── Data for this exercise

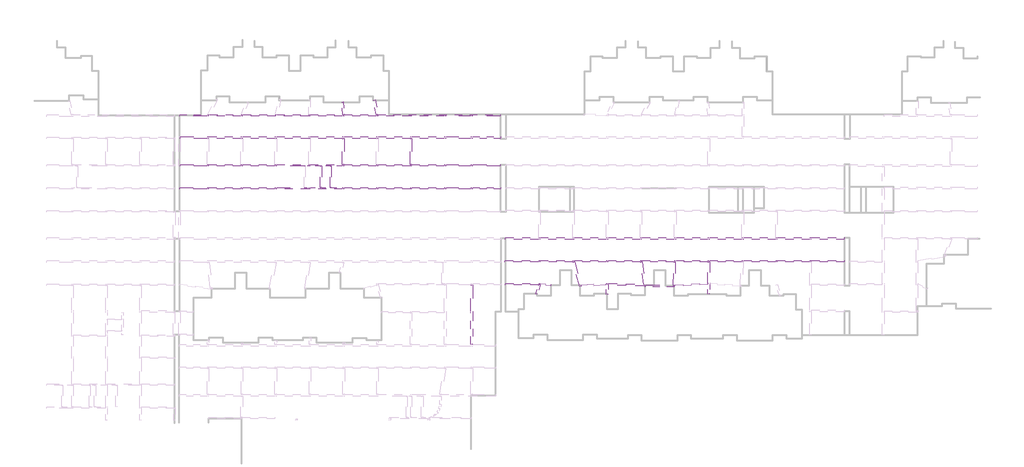
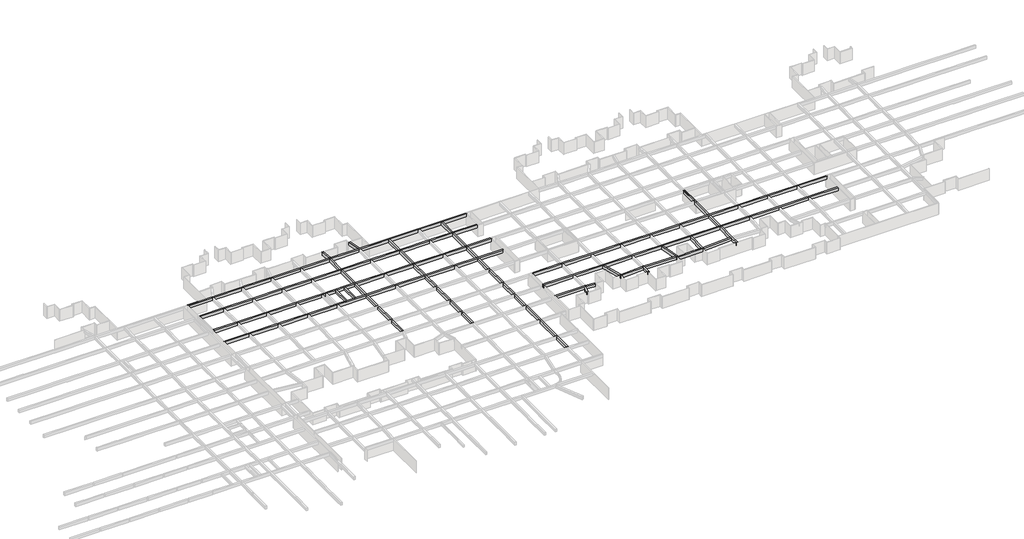
# One storey, part 14 of 16: 25 beams.
"""IFC4 building model written with IfcOpenShell, lengths in millimetres."""

from ifc_helpers import new_model, si_unit, frame, origin, place, context, project, spatial, polyline, outline, extrude, faceted_brep, element, save

model = new_model("IFC4")

# Units and contexts
model_context = context("Model", 3, world=origin())
ifc_project = project(units=[si_unit("LENGTHUNIT", "METRE", prefix="MILLI")], contexts=[model_context])

# Site, building, storey
site = spatial("IfcSite", under=ifc_project)
building = spatial("IfcBuilding", under=site)
storey = spatial("IfcBuildingStorey", under=building, Name="户型图", Elevation=0.0)

# Beams
placement = place(None, origin())
element("IfcBeam", 1, ObjectType="混凝土 - 矩形梁 : KL_beam", at=placement, inside=storey, context=model_context, shape_type="Brep", body=[
    faceted_brep([(332003.757676, -132296.8999905, 3300.0), (332003.757676, -132696.8999905, 3300.0), (332003.757676, -132696.8999905, 2500.0), (332003.757676, -132296.8999905, 2500.0), (256203.757676, -132296.8999905, 3300.0), (256203.757676, -132296.8999905, 2500.0), (256203.757676, -132696.8999905, 2500.0), (256203.757676, -132696.8999905, 3300.0), (303083.9231733, -132296.8999905, 3300.0), (302676.4364954, -132296.8999905, 3300.0), (295182.986598, -132296.8999905, 3300.0), (294781.458663, -132296.8999905, 3300.0), (287099.7203632, -132296.8999905, 3300.0), (286699.7203632, -132296.8999905, 3300.0), (279255.0563689, -132296.8999905, 3300.0), (278842.8109172, -132296.8999905, 3300.0), (271220.3376586, -132296.8999905, 3300.0), (270785.7935076, -132296.8999905, 3300.0), (263349.1220942, -132296.8999905, 3300.0), (262900.1915992, -132296.8999905, 3300.0), (262755.329592, -132696.8999905, 3300.0), (263155.329592, -132696.8999905, 3300.0), (270718.1706199, -132696.8999905, 3300.0), (271118.1706199, -132696.8999905, 3300.0), (286699.7203632, -132696.8999905, 3300.0), (287099.7203632, -132696.8999905, 3300.0), (294691.573786, -132696.8999905, 3300.0), (295091.573786, -132696.8999905, 3300.0), (302719.0558962, -132696.8999905, 3300.0), (303119.0558962, -132696.8999905, 3300.0), (310675.2880408, -132696.8999905, 3300.0), (311075.2880408, -132696.8999905, 3300.0), (318775.2880408, -132696.8999905, 3300.0), (319175.2880408, -132696.8999905, 3300.0), (325052.9173169, -132696.8999905, 3300.0), (325452.9173169, -132696.8999905, 3300.0), (262755.329592, -132696.8999905, 2500.0), (263155.329592, -132696.8999905, 2500.0), (270718.1706199, -132696.8999905, 2500.0), (271118.1706199, -132696.8999905, 2500.0), (286699.7203632, -132696.8999905, 2500.0), (287099.7203632, -132696.8999905, 2500.0), (294691.573786, -132696.8999905, 2500.0), (295091.573786, -132696.8999905, 2500.0), (302719.0558962, -132696.8999905, 2500.0), (303119.0558962, -132696.8999905, 2500.0), (310675.2880408, -132696.8999905, 2500.0), (311075.2880408, -132696.8999905, 2500.0), (318775.2880408, -132696.8999905, 2500.0), (319175.2880408, -132696.8999905, 2500.0), (325052.9173169, -132696.8999905, 2500.0), (325452.9173169, -132696.8999905, 2500.0), (262900.1915992, -132296.8999905, 2500.0), (263349.1220942, -132296.8999905, 2500.0), (270785.7935076, -132296.8999905, 2500.0), (271220.3376586, -132296.8999905, 2500.0), (278842.8109172, -132296.8999905, 2500.0), (279255.0563689, -132296.8999905, 2500.0), (286699.7203632, -132296.8999905, 2500.0), (287099.7203632, -132296.8999905, 2500.0), (294781.458663, -132296.8999905, 2500.0), (295182.986598, -132296.8999905, 2500.0), (302676.4364954, -132296.8999905, 2500.0), (303083.9231733, -132296.8999905, 2500.0)], [[[0, 1, 2, 3]], [[4, 5, 6, 7]], [[1, 0, 8, 9, 10, 11, 12, 13, 14, 15, 16, 17, 18, 19, 4, 7, 20, 21, 22, 23, 24, 25, 26, 27, 28, 29, 30, 31, 32, 33, 34, 35]], [[2, 1, 35, 34, 33, 32, 31, 30, 29, 28, 27, 26, 25, 24, 23, 22, 21, 20, 7, 6, 36, 37, 38, 39, 40, 41, 42, 43, 44, 45, 46, 47, 48, 49, 50, 51]], [[3, 2, 51, 50, 49, 48, 47, 46, 45, 44, 43, 42, 41, 40, 39, 38, 37, 36, 6, 5, 52, 53, 54, 55, 56, 57, 58, 59, 60, 61, 62, 63]], [[0, 3, 63, 62, 61, 60, 59, 58, 57, 56, 55, 54, 53, 52, 5, 4, 19, 18, 17, 16, 15, 14, 13, 12, 11, 10, 9, 8]]]),
])
element("IfcBeam", 2, ObjectType="混凝土 - 矩形梁 : KL_beam", at=placement, inside=storey, context=model_context, shape_type="SweptSolid", body=[
    extrude(outline(polyline([(294521.5830468, -129326.5081051), (294920.060926, -129291.645808), (295182.986598, -132296.8999905), (294781.458663, -132296.8999905), (294521.5830468, -129326.5081051)])), frame((0.0, 0.0, 2500.0), z_axis=(0.0, 0.0, 1.0), x_axis=(1.0, 0.0, 0.0)), (0.0, 0.0, 1.0), 800.0),
])
element("IfcBeam", 3, ObjectType="混凝土 - 矩形梁 : KL_beam", at=placement, inside=storey, context=model_context, shape_type="SweptSolid", body=[
    extrude(outline(polyline([(302016.7371766, -128903.0412108), (302409.38805, -128826.7176126), (303083.9231733, -132296.8999905), (302676.4364954, -132296.8999905), (302016.7371766, -128903.0412108)])), frame((0.0, 0.0, 2500.0), z_axis=(0.0, 0.0, 1.0), x_axis=(1.0, 0.0, 0.0)), (0.0, 0.0, 1.0), 800.0),
])
element("IfcBeam", 4, ObjectType="混凝土 - 矩形梁 : KL_beam", at=placement, inside=storey, context=model_context, shape_type="Brep", body=[
    faceted_brep([(332103.757676, -137565.7214763, 3300.0), (332103.757676, -137965.7214763, 3300.0), (332103.757676, -137965.7214763, 2500.0), (332103.757676, -137565.7214763, 2500.0), (325452.9173169, -137565.7214763, 3300.0), (325052.9173169, -137565.7214763, 3300.0), (319175.2880408, -137565.7214763, 3300.0), (318775.2880408, -137565.7214763, 3300.0), (311075.2880408, -137565.7214763, 3300.0), (310675.2880408, -137565.7214763, 3300.0), (303119.0558962, -137565.7214763, 3300.0), (302719.0558962, -137565.7214763, 3300.0), (295091.573786, -137565.7214763, 3300.0), (294691.573786, -137565.7214763, 3300.0), (287099.7203632, -137565.7214763, 3300.0), (286699.7203632, -137565.7214763, 3300.0), (279139.6845219, -137565.7214763, 3300.0), (278739.6845219, -137565.7214763, 3300.0), (271118.1706199, -137565.7214763, 3300.0), (270718.1706199, -137565.7214763, 3300.0), (263155.329592, -137565.7214763, 3300.0), (262755.329592, -137565.7214763, 3300.0), (256403.757676, -137565.7214763, 3300.0), (256403.757676, -137965.7214763, 3300.0), (262755.329592, -137965.7214763, 3300.0), (263155.329592, -137965.7214763, 3300.0), (270718.1706199, -137965.7214763, 3300.0), (271118.1706199, -137965.7214763, 3300.0), (278739.6845219, -137965.7214763, 3300.0), (279139.6845219, -137965.7214763, 3300.0), (286699.7203632, -137965.7214763, 3300.0), (287099.7203632, -137965.7214763, 3300.0), (294691.573786, -137965.7214763, 3300.0), (295091.573786, -137965.7214763, 3300.0), (302719.0558962, -137965.7214763, 3300.0), (303119.0558962, -137965.7214763, 3300.0), (310675.2880408, -137965.7214763, 3300.0), (311075.2880408, -137965.7214763, 3300.0), (318775.2880408, -137965.7214763, 3300.0), (319175.2880408, -137965.7214763, 3300.0), (325052.9173169, -137965.7214763, 3300.0), (325452.9173169, -137965.7214763, 3300.0), (256403.757676, -137965.7214763, 2500.0), (262755.329592, -137965.7214763, 2500.0), (263155.329592, -137965.7214763, 2500.0), (270718.1706199, -137965.7214763, 2500.0), (271118.1706199, -137965.7214763, 2500.0), (278739.6845219, -137965.7214763, 2500.0), (279139.6845219, -137965.7214763, 2500.0), (286699.7203632, -137965.7214763, 2500.0), (287099.7203632, -137965.7214763, 2500.0), (294691.573786, -137965.7214763, 2500.0), (295091.573786, -137965.7214763, 2500.0), (302719.0558962, -137965.7214763, 2500.0), (303119.0558962, -137965.7214763, 2500.0), (310675.2880408, -137965.7214763, 2500.0), (311075.2880408, -137965.7214763, 2500.0), (318775.2880408, -137965.7214763, 2500.0), (319175.2880408, -137965.7214763, 2500.0), (325052.9173169, -137965.7214763, 2500.0), (325452.9173169, -137965.7214763, 2500.0), (256403.757676, -137565.7214763, 2500.0), (262755.329592, -137565.7214763, 2500.0), (263155.329592, -137565.7214763, 2500.0), (270718.1706199, -137565.7214763, 2500.0), (271118.1706199, -137565.7214763, 2500.0), (278739.6845219, -137565.7214763, 2500.0), (279139.6845219, -137565.7214763, 2500.0), (286699.7203632, -137565.7214763, 2500.0), (287099.7203632, -137565.7214763, 2500.0), (294691.573786, -137565.7214763, 2500.0), (295091.573786, -137565.7214763, 2500.0), (302719.0558962, -137565.7214763, 2500.0), (303119.0558962, -137565.7214763, 2500.0), (310675.2880408, -137565.7214763, 2500.0), (311075.2880408, -137565.7214763, 2500.0), (318775.2880408, -137565.7214763, 2500.0), (319175.2880408, -137565.7214763, 2500.0), (325052.9173169, -137565.7214763, 2500.0), (325452.9173169, -137565.7214763, 2500.0)], [[[0, 1, 2, 3]], [[1, 0, 4, 5, 6, 7, 8, 9, 10, 11, 12, 13, 14, 15, 16, 17, 18, 19, 20, 21, 22, 23, 24, 25, 26, 27, 28, 29, 30, 31, 32, 33, 34, 35, 36, 37, 38, 39, 40, 41]], [[2, 1, 41, 40, 39, 38, 37, 36, 35, 34, 33, 32, 31, 30, 29, 28, 27, 26, 25, 24, 23, 42, 43, 44, 45, 46, 47, 48, 49, 50, 51, 52, 53, 54, 55, 56, 57, 58, 59, 60]], [[3, 2, 60, 59, 58, 57, 56, 55, 54, 53, 52, 51, 50, 49, 48, 47, 46, 45, 44, 43, 42, 61, 62, 63, 64, 65, 66, 67, 68, 69, 70, 71, 72, 73, 74, 75, 76, 77, 78, 79]], [[0, 3, 79, 78, 77, 76, 75, 74, 73, 72, 71, 70, 69, 68, 67, 66, 65, 64, 63, 62, 61, 22, 21, 20, 19, 18, 17, 16, 15, 14, 13, 12, 11, 10, 9, 8, 7, 6, 5, 4]], [[23, 22, 61, 42]]]),
])
element("IfcBeam", 5, ObjectType="混凝土 - 矩形梁 : KL_beam", at=placement, inside=storey, context=model_context, shape_type="Brep", body=[
    faceted_brep([(332003.757676, -144125.7214763, 3300.0), (332003.757676, -144525.7214763, 3300.0), (332003.757676, -144525.7214763, 2500.0), (332003.757676, -144125.7214763, 2500.0), (325452.9173169, -144125.7214763, 3300.0), (325052.9173169, -144125.7214763, 3300.0), (319175.2880408, -144125.7214763, 3300.0), (318775.2880408, -144125.7214763, 3300.0), (311075.2880408, -144125.7214763, 3300.0), (310675.2880408, -144125.7214763, 3300.0), (303119.0558962, -144125.7214763, 3300.0), (302719.0558962, -144125.7214763, 3300.0), (295091.573786, -144125.7214763, 3300.0), (294691.573786, -144125.7214763, 3300.0), (287099.7203632, -144125.7214763, 3300.0), (286699.7203632, -144125.7214763, 3300.0), (279139.6845219, -144125.7214763, 3300.0), (278739.6845219, -144125.7214763, 3300.0), (271118.1706199, -144125.7214763, 3300.0), (270718.1706199, -144125.7214763, 3300.0), (263155.329592, -144125.7214763, 3300.0), (262755.329592, -144125.7214763, 3300.0), (256403.757676, -144125.7214763, 3300.0), (256403.757676, -144525.7214763, 3300.0), (262755.329592, -144525.7214763, 3300.0), (263155.329592, -144525.7214763, 3300.0), (270718.1706199, -144525.7214763, 3300.0), (271118.1706199, -144525.7214763, 3300.0), (278739.6845219, -144525.7214763, 3300.0), (279139.6845219, -144525.7214763, 3300.0), (285649.7203632, -144525.7214763, 3300.0), (285949.7203632, -144525.7214763, 3300.0), (286699.7203632, -144525.7214763, 3300.0), (287099.7203632, -144525.7214763, 3300.0), (289449.7203632, -144525.7214763, 3300.0), (289749.7203632, -144525.7214763, 3300.0), (291749.7203632, -144525.7214763, 3300.0), (292049.7203632, -144525.7214763, 3300.0), (294691.573786, -144525.7214763, 3300.0), (295091.573786, -144525.7214763, 3300.0), (302719.0558962, -144525.7214763, 3300.0), (303119.0558962, -144525.7214763, 3300.0), (310675.2880408, -144525.7214763, 3300.0), (311075.2880408, -144525.7214763, 3300.0), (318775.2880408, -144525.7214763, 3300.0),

────

#### [What you are asked to do]
Exact repeats of the lines from the first one in the data through the line containing "from ifc_helpers import" make up the answer. Pictures do not.

#### [Solved problem]
# One storey, part 14 of 16: 25 beams.
"""IFC4 building model written with IfcOpenShell, lengths in millimetres."""

from ifc_helpers import new_model, si_unit, frame, origin, place, context, project, spatial, polyline, outline, extrude, faceted_brep, element, save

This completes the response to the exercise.